The nice man at the generally conservative HSBC had no hesitation in saying he'd lend me 80 per cent on the spot when he heard I wanted to buy in the recherche suburb of Ashrafieh. But local developers are muddying the market water by offering buyers an "in" on apartments that are still on the drawing board for a mere 10 per cent ante with attractive "interim" payments until the property is built - any time between two and three years.
No wonder investors are stuffing any spare cash into property they will never live in. It beats private equity. Government controls on speculating would be very un-Lebanese, but the central bank is at least making a token gesture by offering attractive loans to buyers who plan to live in their newly built apartments. Elsewhere, the Lebanese have been readjusting to a new regional order.
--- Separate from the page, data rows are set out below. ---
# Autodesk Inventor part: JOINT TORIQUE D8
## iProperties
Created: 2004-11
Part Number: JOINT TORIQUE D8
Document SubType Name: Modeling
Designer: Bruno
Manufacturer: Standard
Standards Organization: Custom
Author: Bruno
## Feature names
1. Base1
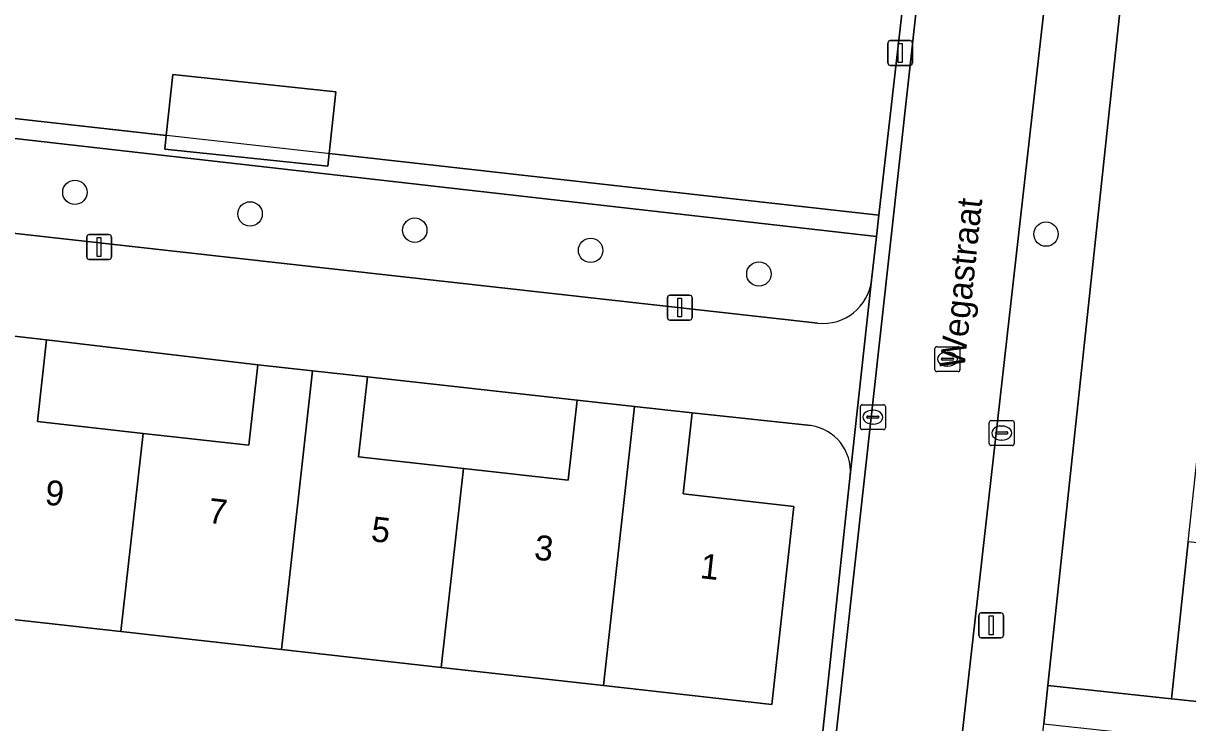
# Model space of a CAD drawing. Extents: x 161928 to 163071, y 386474 to 387428.
# Drawn here: x 162131.24 to 162177.94, y 386955.11 to 386983.15 of the extents above; entities that cross this region are included whole.
import ezdxf

# ---------------------------------------------------------------- set-up
doc = ezdxf.new("R2010")
doc.units = 0
for name, color, linetype in [('IMGEO_Boom', 7, 'Continuous'), ('IMGEO_Erf', 7, 'Continuous'), ('IMGEO_Groenvoorziening', 7, 'Continuous'), ('IMGEO_Haag', 7, 'Continuous'), ('IMGEO_Kolk', 7, 'Continuous'), ('IMGEO_Lichtmast', 7, 'Continuous'), ('IMGEO_Openbare_ruimte_label', 7, 'Continuous'), ('IMGEO_Pand', 7, 'Continuous'), ('IMGEO_Pand_nummerreeks', 7, 'Continuous'), ('IMGEO_Rijbaan_lokaal_open', 7, 'Continuous'), ('IMGEO_Rioolput', 7, 'Continuous'), ('IMGEO_Voetpad_open', 7, 'Continuous')]:
    doc.layers.add(name, color=color, linetype=linetype)

msp = doc.modelspace()

# ---------------------------------------------------------------- linework, layer by layer
at = {"layer": 'IMGEO_Boom'}
for centre in [(162133.311, 386976.375), (162140.338, 386975.511), (162146.943, 386974.86), (162172.257, 386974.701), (162153.993, 386974.049), (162160.742, 386973.102)]:
    msp.add_circle(centre, 0.489, dxfattribs=at)
at = {"layer": 'IMGEO_Erf'}
for points in [[(162179.889, 386980.353), (162180.525, 386986.295), (162181.184, 386992.453), (162181.804, 386998.248), (162181.992, 387000), (162182.414, 387003.937), (162177.44, 387004.467), (162176.963, 387000), (162172.334, 386956.598), (162177.289, 386956.069), (162177.963, 386962.367), (162178.601, 386968.327), (162179.255, 386974.437)], [(162132.178, 386970.465), (162131.811, 386967.181), (162136.048, 386966.707), (162140.285, 386966.233), (162140.646, 386969.464)], [(162145.047, 386968.972), (162144.69, 386965.776), (162148.892, 386965.306), (162153.093, 386964.836), (162153.452, 386968.047)]]:
    msp.add_lwpolyline(points, close=True, dxfattribs=at)
for points in [[(162131.63, 386987.411), (162125.153, 386988.143), (162118.693, 386988.873), (162109.184, 386989.948), (162108.279, 386981.822), (162117.837, 386980.804), (162130.648, 386979.367), (162136.977, 386978.659), (162137.235, 386981.096), (162143.771, 386980.405), (162143.509, 386977.927), (162165.555, 386975.46), (162167.511, 386992.682)], [(162162.828, 386967.021), (162158.07, 386967.531), (162157.707, 386964.281), (162162.148, 386963.785), (162161.259, 386955.842), (162154.507, 386956.597), (162147.999, 386957.326), (162141.594, 386958.042), (162135.159, 386958.762), (162128.668, 386959.489), (162122.196, 386960.213), (162115.733, 386960.936), (162108.941, 386961.696), (162109.832, 386969.663), (162114.38, 386969.154), (162114.747, 386972.438), (162109.157, 386973.068)], [(162106.981, 386971.336), (162105.127, 386954.086), (162111.551, 386953.32), (162111.902, 386956.457), (162115.148, 386956.094), (162114.794, 386952.933), (162162.272, 386947.379), (162162.618, 386948.375), (162164.401, 386965.029)]]:
    msp.add_lwpolyline(points, dxfattribs=at)
msp.add_arc((162162.57, 386965.2), 1.839, 354.6685, 81.9249, dxfattribs=at)
at = {"layer": 'IMGEO_Groenvoorziening'}
msp.add_lwpolyline([(162136.977, 386978.659), (162130.648, 386979.367), (162117.837, 386980.804), (162108.279, 386981.822), (162108.2, 386981.114), (162165.458, 386974.606), (162165.555, 386975.46), (162143.509, 386977.927), (162143.456, 386977.421), (162136.919, 386978.111)], close=True, dxfattribs=at)
for points in [[(162165.259, 386972.856), (162165.458, 386974.606), (162108.2, 386981.114)], [(162109.769, 386977.086), (162163.103, 386971.136)]]:
    msp.add_lwpolyline(points, dxfattribs=at)
msp.add_arc((162163.32, 386973.075), 1.952, 263.6208, 353.5431, dxfattribs=at)
at = {"layer": 'IMGEO_Haag'}
msp.add_lwpolyline([(162108.279, 386981.822), (162108.2, 386981.114), (162165.458, 386974.606), (162165.555, 386975.46), (162130.648, 386979.367), (162117.837, 386980.804)], close=True, dxfattribs=at)
at = {"layer": 'IMGEO_Kolk'}
for p, q in [((162164.89, 386967.862), (162165.742, 386967.862)), ((162164.815, 386966.936), (162164.815, 386967.788)), ((162165.074, 386967.356), (162165.074, 386967.368)), ((162165.117, 386967.405), (162165.515, 386967.405)), ((162165.303, 386967.642), (162165.328, 386967.642)), ((162165.558, 386967.368), (162165.558, 386967.356)), ((162165.816, 386967.788), (162165.816, 386966.936)), ((162165.512, 386967.319), (162165.114, 386967.319)), ((162165.326, 386967.082), (162165.301, 386967.082)), ((162169.978, 386966.299), (162169.978, 386967.151)), ((162170.053, 386967.225), (162170.905, 386967.225)), ((162170.466, 386967.005), (162170.491, 386967.005)), ((162170.979, 386967.151), (162170.979, 386966.299)), ((162165.742, 386966.862), (162164.89, 386966.862)), ((162170.237, 386966.719), (162170.237, 386966.731)), ((162170.675, 386966.682), (162170.277, 386966.682)), ((162170.28, 386966.768), (162170.678, 386966.768)), ((162170.489, 386966.445), (162170.464, 386966.445)), ((162170.721, 386966.731), (162170.721, 386966.719)), ((162170.905, 386966.225), (162170.053, 386966.225))]:
    msp.add_line(p, q, dxfattribs=at)
for points in [[(162164.89, 386967.862), (162165.742, 386967.862)], [(162164.815, 386966.936), (162164.815, 386967.788)], [(162165.816, 386967.788), (162165.816, 386966.936)], [(162169.978, 386966.299), (162169.978, 386967.151)], [(162170.053, 386967.225), (162170.905, 386967.225)], [(162170.979, 386967.151), (162170.979, 386966.299)], [(162165.742, 386966.862), (162164.89, 386966.862)], [(162170.905, 386966.225), (162170.053, 386966.225)]]:
    msp.add_lwpolyline(points, dxfattribs=at)
for centre, radius, start, end in [((162164.892, 386967.786), 0.0765, 91.552, 178.448), ((162164.892, 386967.786), 0.0765, 91.552, 178.448), ((162165.74, 386967.786), 0.0765, 1.552, 88.448), ((162165.74, 386967.786), 0.0765, 1.552, 88.448), ((162165.114, 386967.365), 0.0403, 85.8775, 175.7526), ((162165.519, 386967.367), 0.0386, 1.7309, 96.639), ((162164.892, 386966.938), 0.0765, 181.552, 268.448), ((162164.892, 386966.938), 0.0765, 181.552, 268.448), ((162165.111, 386967.355), 0.0366, 178.938, 274.7102), ((162165.515, 386967.362), 0.043, 264.8664, 352.4533), ((162165.74, 386966.938), 0.0765, 271.552, 358.448), ((162165.74, 386966.938), 0.0765, 271.552, 358.448), ((162170.055, 386967.149), 0.0765, 91.552, 178.448), ((162170.055, 386967.149), 0.0765, 91.552, 178.448), ((162170.903, 386967.149), 0.0765, 1.552, 88.448), ((162170.903, 386967.149), 0.0765, 1.552, 88.448), ((162170.277, 386966.728), 0.0403, 85.8775, 175.7526), ((162170.274, 386966.718), 0.0366, 178.938, 274.7102), ((162170.678, 386966.725), 0.043, 264.8664, 352.4533), ((162170.682, 386966.73), 0.0386, 1.7309, 96.639), ((162170.055, 386966.301), 0.0765, 181.552, 268.448), ((162170.055, 386966.301), 0.0765, 181.552, 268.448), ((162170.903, 386966.301), 0.0765, 271.552, 358.448), ((162170.903, 386966.301), 0.0765, 271.552, 358.448)]:
    msp.add_arc(centre, radius, start, end, dxfattribs=at)
for centre, major_axis, ratio, start_param, end_param in [((162165.302, 386967.362), (-0.387, 0.002), 0.722429, 4.712389, 7.853982), ((162165.327, 386967.362), (-0.39, 0.002), 0.717154, 1.570796, 4.712389), ((162170.465, 386966.725), (-0.387, 0.002), 0.722429, 4.712389, 7.853982), ((162170.49, 386966.725), (-0.39, 0.002), 0.717154, 1.570796, 4.712389)]:
    msp.add_ellipse(centre, major_axis=major_axis, ratio=ratio, start_param=start_param, end_param=end_param, dxfattribs=at)
at = {"layer": 'IMGEO_Lichtmast'}
for p, q in [((162165.912, 386981.563), (162165.912, 386982.363)), ((162165.912, 386982.363), (162165.912, 386981.563)), ((162166.012, 386982.463), (162166.802, 386982.463)), ((162166.802, 386982.463), (162166.012, 386982.463)), ((162166.902, 386982.363), (162166.902, 386981.563)), ((162166.902, 386981.563), (162166.902, 386982.363)), ((162166.802, 386981.463), (162166.012, 386981.463)), ((162166.012, 386981.463), (162166.802, 386981.463)), ((162133.786, 386973.785), (162133.786, 386974.585)), ((162133.786, 386974.585), (162133.786, 386973.785)), ((162133.886, 386974.685), (162134.676, 386974.685)), ((162134.676, 386974.685), (162133.886, 386974.685)), ((162134.776, 386974.585), (162134.776, 386973.785)), ((162134.776, 386973.785), (162134.776, 386974.585)), ((162134.676, 386973.685), (162133.886, 386973.685)), ((162133.886, 386973.685), (162134.676, 386973.685)), ((162157.072, 386971.354), (162157.072, 386972.154)), ((162157.072, 386972.154), (162157.072, 386971.354)), ((162157.172, 386972.254), (162157.962, 386972.254)), ((162157.962, 386972.254), (162157.172, 386972.254)), ((162158.062, 386972.154), (162158.062, 386971.354)), ((162158.062, 386971.354), (162158.062, 386972.154)), ((162157.962, 386971.254), (162157.172, 386971.254)), ((162157.172, 386971.254), (162157.962, 386971.254)), ((162169.661, 386959.514), (162170.451, 386959.514)), ((162170.451, 386959.514), (162169.661, 386959.514)), ((162169.561, 386958.614), (162169.561, 386959.414)), ((162169.561, 386959.414), (162169.561, 386958.614)), ((162170.551, 386959.414), (162170.551, 386958.614)), ((162170.551, 386958.614), (162170.551, 386959.414)), ((162170.451, 386958.514), (162169.661, 386958.514)), ((162169.661, 386958.514), (162170.451, 386958.514))]:
    msp.add_line(p, q, dxfattribs=at)
for points in [[(162166.332, 386982.338), (162166.482, 386982.338), (162166.482, 386981.588), (162166.332, 386981.588), (162166.332, 386982.338)], [(162134.206, 386974.56), (162134.356, 386974.56), (162134.356, 386973.81), (162134.206, 386973.81), (162134.206, 386974.56)], [(162157.492, 386972.129), (162157.642, 386972.129), (162157.642, 386971.379), (162157.492, 386971.379), (162157.492, 386972.129)], [(162169.981, 386959.389), (162170.131, 386959.389), (162170.131, 386958.639), (162169.981, 386958.639), (162169.981, 386959.389)]]:
    msp.add_lwpolyline(points, dxfattribs=at)
for centre, start, end in [((162166.012, 386982.363), 90, 180), ((162166.012, 386982.363), 90, 180), ((162166.802, 386982.363), 0, 90), ((162166.802, 386982.363), 360, 90), ((162166.012, 386981.563), 180, 270), ((162166.012, 386981.563), 180, 270), ((162166.802, 386981.563), 270, 0), ((162166.802, 386981.563), 270, 0), ((162133.886, 386974.585), 90, 180), ((162133.886, 386974.585), 90, 180), ((162134.676, 386974.585), 0, 90), ((162134.676, 386974.585), 360, 90), ((162133.886, 386973.785), 180, 270), ((162133.886, 386973.785), 180, 270), ((162134.676, 386973.785), 270, 0), ((162134.676, 386973.785), 270, 0), ((162157.172, 386972.154), 90, 180), ((162157.172, 386972.154), 90, 180), ((162157.962, 386972.154), 0, 90), ((162157.962, 386972.154), 360, 90), ((162157.172, 386971.354), 180, 270), ((162157.172, 386971.354), 180, 270), ((162157.962, 386971.354), 270, 0), ((162157.962, 386971.354), 270, 0), ((162169.661, 386959.414), 90, 180), ((162169.661, 386959.414), 90, 180), ((162170.451, 386959.414), 0, 90), ((162170.451, 386959.414), 360, 90), ((162169.661, 386958.614), 180, 270), ((162169.661, 386958.614), 180, 270), ((162170.451, 386958.614), 270, 0), ((162170.451, 386958.614), 270, 0)]:
    msp.add_arc(centre, 0.1, start, end, dxfattribs=at)
at = {"layer": 'IMGEO_Pand'}
for points in [[(162137.235, 386981.096), (162136.977, 386978.659), (162136.919, 386978.111), (162143.456, 386977.421), (162143.509, 386977.927), (162143.771, 386980.405)], [(162129.925, 386970.717), (162128.668, 386959.489), (162135.159, 386958.762), (162136.048, 386966.707), (162131.811, 386967.181), (162132.178, 386970.465)], [(162140.646, 386969.464), (162140.285, 386966.233), (162136.048, 386966.707), (162135.159, 386958.762), (162141.594, 386958.042), (162142.845, 386969.218)], [(162142.845, 386969.218), (162141.594, 386958.042), (162147.999, 386957.326), (162148.892, 386965.306), (162144.69, 386965.776), (162145.047, 386968.972)], [(162153.452, 386968.047), (162153.093, 386964.836), (162148.892, 386965.306), (162147.999, 386957.326), (162154.507, 386956.597), (162155.76, 386967.789)], [(162155.76, 386967.789), (162154.507, 386956.597), (162161.259, 386955.842), (162162.148, 386963.785), (162157.707, 386964.281), (162158.07, 386967.531)], [(162177.963, 386962.367), (162177.289, 386956.069), (162182.261, 386955.54), (162185.872, 386955.155), (162186.546, 386961.449)]]:
    msp.add_lwpolyline(points, close=True, dxfattribs=at)
at = {"layer": 'IMGEO_Rijbaan_lokaal_open'}
msp.add_lwpolyline([(162177.594, 387078.928), (162177.465, 387077.766), (162163.864, 386954.91), (162163.382, 386950.665), (162168.395, 386950.077), (162168.956, 386955.24), (162174.417, 387003.525), (162174.44, 387003.78), (162174.518, 387004.265), (162176.148, 387018.705)], dxfattribs=at)
at = {"layer": 'IMGEO_Rioolput'}
for p, q in [((162167.877, 386970.188), (162168.729, 386970.188)), ((162167.802, 386969.262), (162167.802, 386970.114)), ((162168.061, 386969.682), (162168.061, 386969.694)), ((162168.104, 386969.731), (162168.502, 386969.731)), ((162168.29, 386969.968), (162168.315, 386969.968)), ((162168.545, 386969.694), (162168.545, 386969.682)), ((162168.803, 386970.114), (162168.803, 386969.262)), ((162168.499, 386969.645), (162168.101, 386969.645)), ((162168.313, 386969.408), (162168.288, 386969.408)), ((162168.729, 386969.188), (162167.877, 386969.188))]:
    msp.add_line(p, q, dxfattribs=at)
for points in [[(162167.877, 386970.188), (162168.729, 386970.188)], [(162167.802, 386969.262), (162167.802, 386970.114)], [(162168.803, 386970.114), (162168.803, 386969.262)], [(162168.729, 386969.188), (162167.877, 386969.188)]]:
    msp.add_lwpolyline(points, dxfattribs=at)
for centre, radius, start, end in [((162167.879, 386970.112), 0.0765, 91.552, 178.448), ((162167.879, 386970.112), 0.0765, 91.552, 178.448), ((162168.727, 386970.112), 0.0765, 1.552, 88.448), ((162168.727, 386970.112), 0.0765, 1.552, 88.448), ((162168.101, 386969.691), 0.0403, 85.8775, 175.7526), ((162168.506, 386969.693), 0.0386, 1.7309, 96.639), ((162167.879, 386969.264), 0.0765, 181.552, 268.448), ((162167.879, 386969.264), 0.0765, 181.552, 268.448), ((162168.098, 386969.681), 0.0366, 178.938, 274.7102), ((162168.502, 386969.688), 0.043, 264.8664, 352.4533), ((162168.727, 386969.264), 0.0765, 271.552, 358.448), ((162168.727, 386969.264), 0.0765, 271.552, 358.448)]:
    msp.add_arc(centre, radius, start, end, dxfattribs=at)
for centre, major_axis, ratio, start_param, end_param in [((162168.289, 386969.688), (-0.387, 0.002), 0.722429, 4.712389, 7.853982), ((162168.314, 386969.688), (-0.39, 0.002), 0.717154, 1.570796, 4.712389)]:
    msp.add_ellipse(centre, major_axis=major_axis, ratio=ratio, start_param=start_param, end_param=end_param, dxfattribs=at)
at = {"layer": 'IMGEO_Voetpad_open'}
for points in [[(162176.696, 387075.008), (162174.898, 387059.249), (162174.539, 387056.102), (162173.766, 387048.438), (162171.865, 387031.331), (162171.776, 387030.536), (162171.587, 387028.835), (162171.544, 387028.577), (162170.719, 387020.821), (162168.711, 387002.789), (162168.507, 387000.952), (162167.511, 386992.682), (162165.555, 386975.46), (162165.458, 386974.606), (162165.259, 386972.856), (162164.401, 386965.029), (162162.618, 386948.375), (162163.149, 386948.547), (162163.382, 386950.665), (162163.864, 386954.91), (162177.465, 387077.766)], [(162176.963, 387000), (162177.44, 387004.467), (162177.59, 387005.919), (162177.84, 387008.247), (162177.394, 387008.043), (162176.967, 387007.8), (162176.564, 387007.52), (162176.187, 387007.205), (162175.841, 387006.858), (162175.526, 387006.481), (162175.247, 387006.077), (162175.004, 387005.651), (162174.801, 387005.204), (162174.638, 387004.741), (162174.518, 387004.265), (162174.44, 387003.78), (162174.417, 387003.525), (162168.956, 386955.24), (162168.395, 386950.077), (162168.226, 386948.441)], [(162168.532, 386945.38), (162172.651, 386944.931), (162172.508, 386944.96), (162172.368, 386945.002), (162172.232, 386945.055), (162172.101, 386945.121), (162171.977, 386945.198), (162171.86, 386945.286), (162171.752, 386945.385), (162171.653, 386945.492), (162171.564, 386945.608), (162171.485, 386945.731), (162171.418, 386945.861), (162171.363, 386945.996), (162171.32, 386946.136), (162171.289, 386946.279), (162171.272, 386946.424), (162171.267, 386946.57), (162171.276, 386946.716), (162172.17, 386955.064), (162172.334, 386956.598), (162176.963, 387000)], [(162163.103, 386971.136), (162109.769, 386977.086)], [(162109.157, 386973.068), (162114.747, 386972.438), (162116.992, 386972.187), (162119.239, 386971.936), (162127.672, 386970.969), (162129.925, 386970.717), (162132.178, 386970.465), (162140.646, 386969.464), (162142.845, 386969.218), (162145.047, 386968.972), (162153.452, 386968.047), (162155.76, 386967.789), (162158.07, 386967.531), (162162.828, 386967.021)], [(162164.401, 386965.029), (162165.259, 386972.856)], [(162182.261, 386955.54), (162177.289, 386956.069), (162172.334, 386956.598), (162172.17, 386955.064), (162180.57, 386954.161)]]:
    msp.add_lwpolyline(points, dxfattribs=at)
for centre, radius, start, end in [((162163.32, 386973.075), 1.952, 263.6208, 353.5431), ((162162.57, 386965.2), 1.839, 354.6685, 81.9249)]:
    msp.add_arc(centre, radius, start, end, dxfattribs=at)

# ---------------------------------------------------------------- texts
at = {"layer": 'IMGEO_Openbare_ruimte_label'}
msp.add_text('Wegastraat', height=1, rotation=83.97, dxfattribs=at).set_placement((162168.982, 386969.285))
at = {"layer": 'IMGEO_Pand_nummerreeks'}
for s, p in [('9', (162132.08, 386963.863)), ('7', (162138.62, 386963.128)), ('5', (162145.159, 386962.393)), ('3', (162151.699, 386961.658)), ('1', (162158.351, 386960.911))]:
    msp.add_text(s, height=1, rotation=353.5894, dxfattribs=at).set_placement(p)

doc.saveas('drawing.dxf')

After a five-year hiatus, the Syrians have returned wielding renewed influence, courtesy of a rapprochement between Riyadh and Damascus.
The House of Saud may have been very fond of Rafik Hariri, the assassinated former prime minister, but regionally it needs Syria in its continuing stand-off with Tehran, hence the new Lebanese cabinet is stuffed with just enough pro-Syrian ministers to make sure Damascus has a say in what goes on next door. Proof of this came at the end of the year, when Saad Hariri, the prime minister and son of the slain premier, visited the Syrian capital and shook the hand of president Bashar al Assad, the man many believe had a hand in the killing of his father.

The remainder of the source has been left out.